ミノキシジルに限らず、治療薬の効果を実感するには少なくとも数カ月の継続が大切です。費用面だけでなく、長期的に無理のない治療計画を立てましょう。
クリニックで相談するメリット
- 医師やカウンセラーが症状や体質に合わせた治療法を提案
- 定期的な頭皮チェックや血液検査ができる
- 副作用や不安な点があればすぐに相談できる
- 個人輸入などのリスクを回避できる
ミノキシジルの副作用に注意しながら上手に活用する
ミノキシジル内服薬は効果が期待できる一方、主に循環器系への副作用が指摘されています。外用薬でも頭皮トラブルが生じる可能性があるため、医師の診察を受けながらの使用が望ましいです。
副作用を軽減するためにできること
- 用法用量を守る
- むくみなどの症状を感じたら、塩分の摂りすぎやアルコールの過剰摂取を控える
- 日常的に定期検診を受け、血液検査や血圧測定などで健康状態を把握する
- 服用中に異変を感じた場合は自己判断で続けず、医師に相談する
生活習慣を見直すためにチェックする項目
AGA治療中は薬の使用だけでなく、日々の生活習慣を整え、血行を良くしておくことも発毛に役立ちます。
- 睡眠不足が続いていないか
- バランスの良い食事をとれているか
- 過度なストレスをためていないか
- 過剰な喫煙や飲酒はないか
- 頭皮ケアをしているか
まとめ
ミノキシジルは、血流を促進して発毛をうながす効果が期待できる治療薬です。外用薬は承認済みですが内服薬は日本未承認のため、副作用のリスクが高まる可能性があります。
AGA治療ではフィナステリドやデュタステリドなどと併用することで相乗効果を得ることも多いですが、患者さんそれぞれの体質やライフスタイルに合わせて適した治療方法を検討する必要があります。
一般的な目安として、AGA治療薬は長期間服用や塗布を続けるケースが多いため、費用面と安全性のバランスを見極めることが大切です。
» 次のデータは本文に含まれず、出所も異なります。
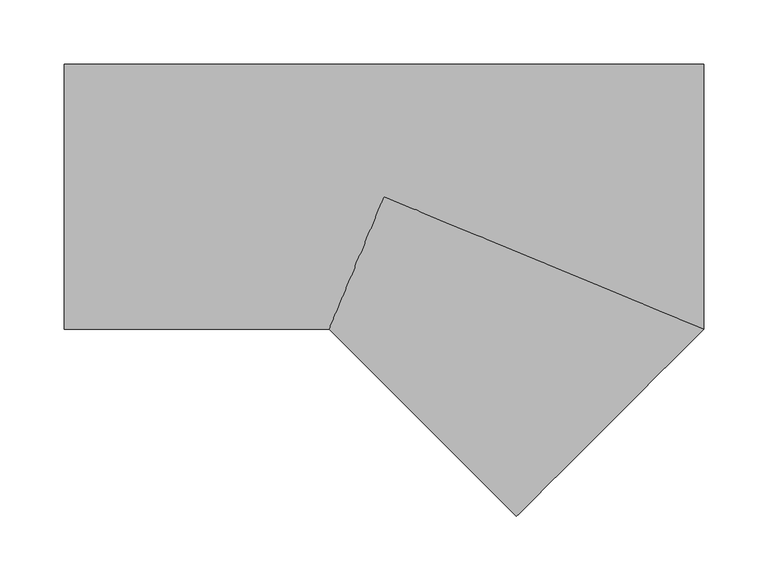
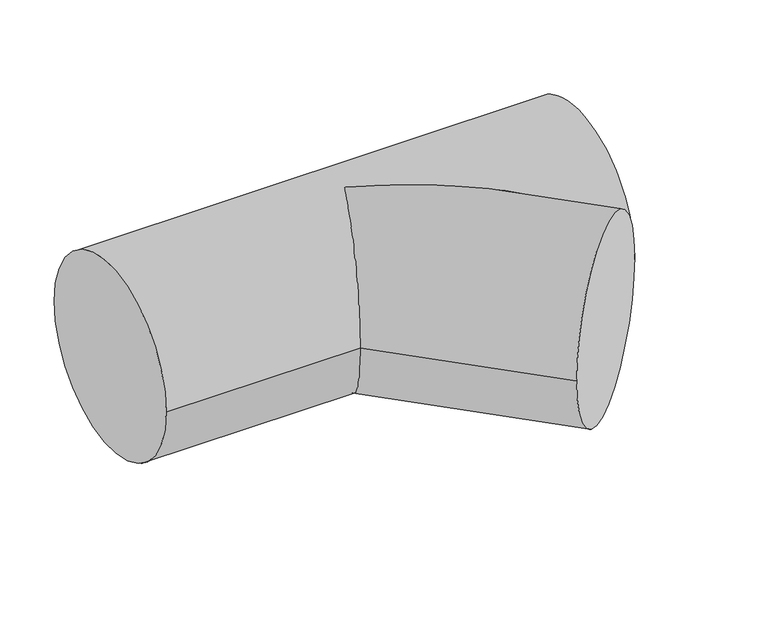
"""IFC4 building model written with IfcOpenShell, lengths in millimetres: pipe fitting geometry, M_Te - Genérica : Estándar."""

from ifc_helpers import new_model, si_unit, frame, origin, place, context, project, spatial, circle_curve, ellipse_curve, source, transform, mapped, element, save
from ifc_brep_helpers import plane_surface, cylinder_surface, advanced_brep


def pipe_fitting_8405c6f3(model_context):
    return source(origin(), model_context, "Body", "AdvancedBrep", [
        advanced_brep(
        [(-249.116662, -103.1875, 0.0), (-249.116662, 103.1875, 0.0), (249.116662, -103.1875, 0.0), (249.116662, 103.1875, 0.0), (-42.741662, -103.1875, 0.0), (0.0, 0.0, 103.1875), (0.0, 0.0, -103.1875), (103.1875, -249.116662, 0.0)],
        [
            (0, 1, circle_curve(frame((-249.116662, 0.0, 0.0), z_axis=(-1.0, 0.0, 0.0), x_axis=(0.0, 1.0, 0.0)), 103.1875)),
            (1, 0, circle_curve(frame((-249.116662, 0.0, 0.0), z_axis=(-1.0, 0.0, 0.0), x_axis=(0.0, 1.0, 0.0)), 103.1875)),
            (2, 3, circle_curve(frame((249.116662, 0.0, 0.0), z_axis=(1.0, 0.0, 0.0), x_axis=(0.0, 1.0, 0.0)), 103.1875)),
            (3, 2, circle_curve(frame((249.116662, 0.0, 0.0), z_axis=(1.0, 0.0, 0.0), x_axis=(0.0, 1.0, 0.0)), 103.1875)),
            (0, 4),
            (4, 5, ellipse_curve(frame((0.0, 0.0, 0.0), z_axis=(-0.923879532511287, 0.3826834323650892, 0.0), x_axis=(-0.38268343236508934, -0.923879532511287, 0.0)), 111.6893452, 103.1875)),
            (5, 2, ellipse_curve(frame((0.0, 0.0, 0.0), z_axis=(0.3826834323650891, 0.923879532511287, 0.0), x_axis=(-0.9238795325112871, 0.3826834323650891, 0.0)), 269.6419319, 103.1875)),
            (3, 1),
            (2, 6, ellipse_curve(frame((0.0, 0.0, 0.0), z_axis=(0.3826834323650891, 0.923879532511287, 0.0), x_axis=(-0.9238795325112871, 0.3826834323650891, 0.0)), 269.6419319, 103.1875)),
            (6, 4, ellipse_curve(frame((0.0, 0.0, 0.0), z_axis=(-0.923879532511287, 0.3826834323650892, 0.0), x_axis=(-0.38268343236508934, -0.923879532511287, 0.0)), 111.6893452, 103.1875)),
            (7, 2, circle_curve(frame((176.152081, -176.152081, 0.0), z_axis=(0.7071067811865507, -0.7071067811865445, 0.0), x_axis=(0.7071067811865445, 0.7071067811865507, 0.0)), 103.1875)),
            (2, 7, circle_curve(frame((176.152081, -176.152081, 0.0), z_axis=(0.7071067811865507, -0.7071067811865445, 0.0), x_axis=(0.7071067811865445, 0.7071067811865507, 0.0)), 103.1875)),
            (4, 7),
        ],
        [
            plane_surface(frame((-249.116662, 0.0, 0.0), z_axis=(-1.0, 0.0, 0.0), x_axis=(0.0, 0.0, 1.0))),
            plane_surface(frame((249.116662, 0.0, 0.0), z_axis=(1.0, 0.0, 0.0), x_axis=(0.0, 0.0, 1.0))),
            cylinder_surface(frame((-249.116662, 0.0, 0.0), z_axis=(-1.0, 0.0, 0.0), x_axis=(0.0, 1.0, 0.0)), 103.1875),
            plane_surface(frame((176.152081, -176.152081, 0.0), z_axis=(0.7071067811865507, -0.7071067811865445, 0.0), x_axis=(0.0, 0.0, 1.0))),
            cylinder_surface(frame((0.0, 0.0, 0.0), z_axis=(-0.7071067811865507, 0.7071067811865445, 0.0), x_axis=(0.7071067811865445, 0.7071067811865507, 0.0)), 103.1875),
        ],
        [
            (0, [[1, 2]]),
            (1, [[3, 4]]),
            (2, [[-1, 5, 6, 7, -4, 8]]),
            (2, [[-2, -8, -3, 9, 10, -5]]),
            (3, [[11, 12]]),
            (4, [[-12, -7, -6, 13]]),
            (4, [[-11, -13, -10, -9]]),
        ],
    ),
    ])


if __name__ == "__main__":
    model = new_model("IFC4")
    model_context = context("Model", 3, world=origin())
    ifc_project = project(units=[si_unit("LENGTHUNIT", "METRE", prefix="MILLI")], contexts=[model_context])
    site = spatial("IfcSite", under=ifc_project)
    building = spatial("IfcBuilding", under=site)
    placement = place(None, origin())
    pipe_fitting_shape = pipe_fitting_8405c6f3(model_context)
    element("IfcPipeFitting", 1, ObjectType="M_Te - Genérica : Estándar", at=placement, inside=building, context=model_context, shape_type="MappedRepresentation", body=[
        mapped(pipe_fitting_shape, transform((0.0, 0.0, 0.0), x_axis=(1.0, 0.0, 0.0), y_axis=(0.0, 1.0, 0.0), z_axis=(0.0, 0.0, 1.0))),
    ])
    save(model, "model.ifc")
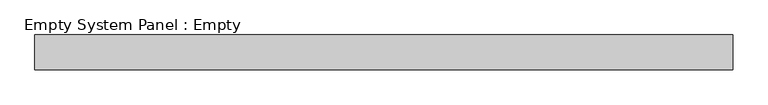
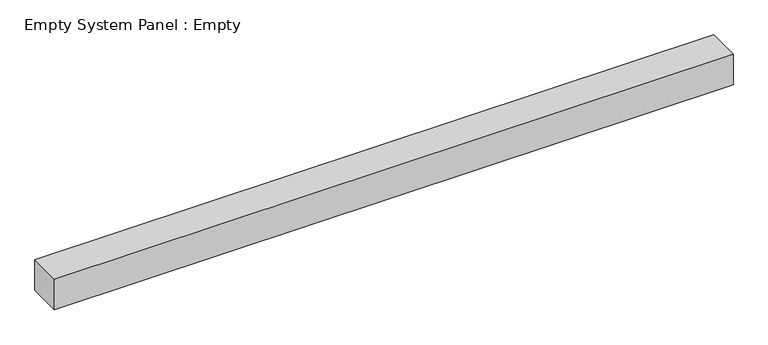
"""IFC4 building model written with IfcOpenShell, lengths in millimetres: plate geometry, Empty System Panel : Empty."""

from ifc_helpers import new_model, si_unit, origin, origin_with_axes, place, context, project, spatial, polyline, outline, extrude, source, transform, mapped, element, save


def empty_system_panel_empty_e07de6c1(model_context):
    return source(origin(), model_context, "Body", "SweptSolid", [
        extrude(outline(polyline([(1000.0, -50.0), (-1000.0, -50.0), (-1000.0, 50.0), (1000.0, 50.0), (1000.0, -50.0)])), origin_with_axes(), (0.0, 0.0, 1.0), 95.1507576),
    ])


if __name__ == "__main__":
    model = new_model("IFC4")
    model_context = context("Model", 3, world=origin())
    ifc_project = project(units=[si_unit("LENGTHUNIT", "METRE", prefix="MILLI")], contexts=[model_context])
    site = spatial("IfcSite", under=ifc_project)
    building = spatial("IfcBuilding", under=site)
    placement = place(None, origin())
    empty_system_panel_empty_shape = empty_system_panel_empty_e07de6c1(model_context)
    element("IfcPlate", 1, ObjectType="Empty System Panel : Empty", at=placement, inside=building, context=model_context, shape_type="MappedRepresentation", body=[
        mapped(empty_system_panel_empty_shape, transform((0.0, 0.0, 0.0), x_axis=(1.0, 0.0, 0.0), y_axis=(0.0, 1.0, 0.0), z_axis=(0.0, 0.0, 1.0))),
    ])
    save(model, "model.ifc")

毛や抜け毛に不安を感じている方は、一度医療機関を受診し、専門的な診断を受けることをおすすめします。
自分の症状や生活スタイルに合った治療法を選ぶと、ミノキシジルのメリットを最大限に生かしながら副作用を最小限に抑えられます。
AGAは進行性ですので、できるだけ早めの受診と治療開始が効果を感じやすいポイントといえるでしょう。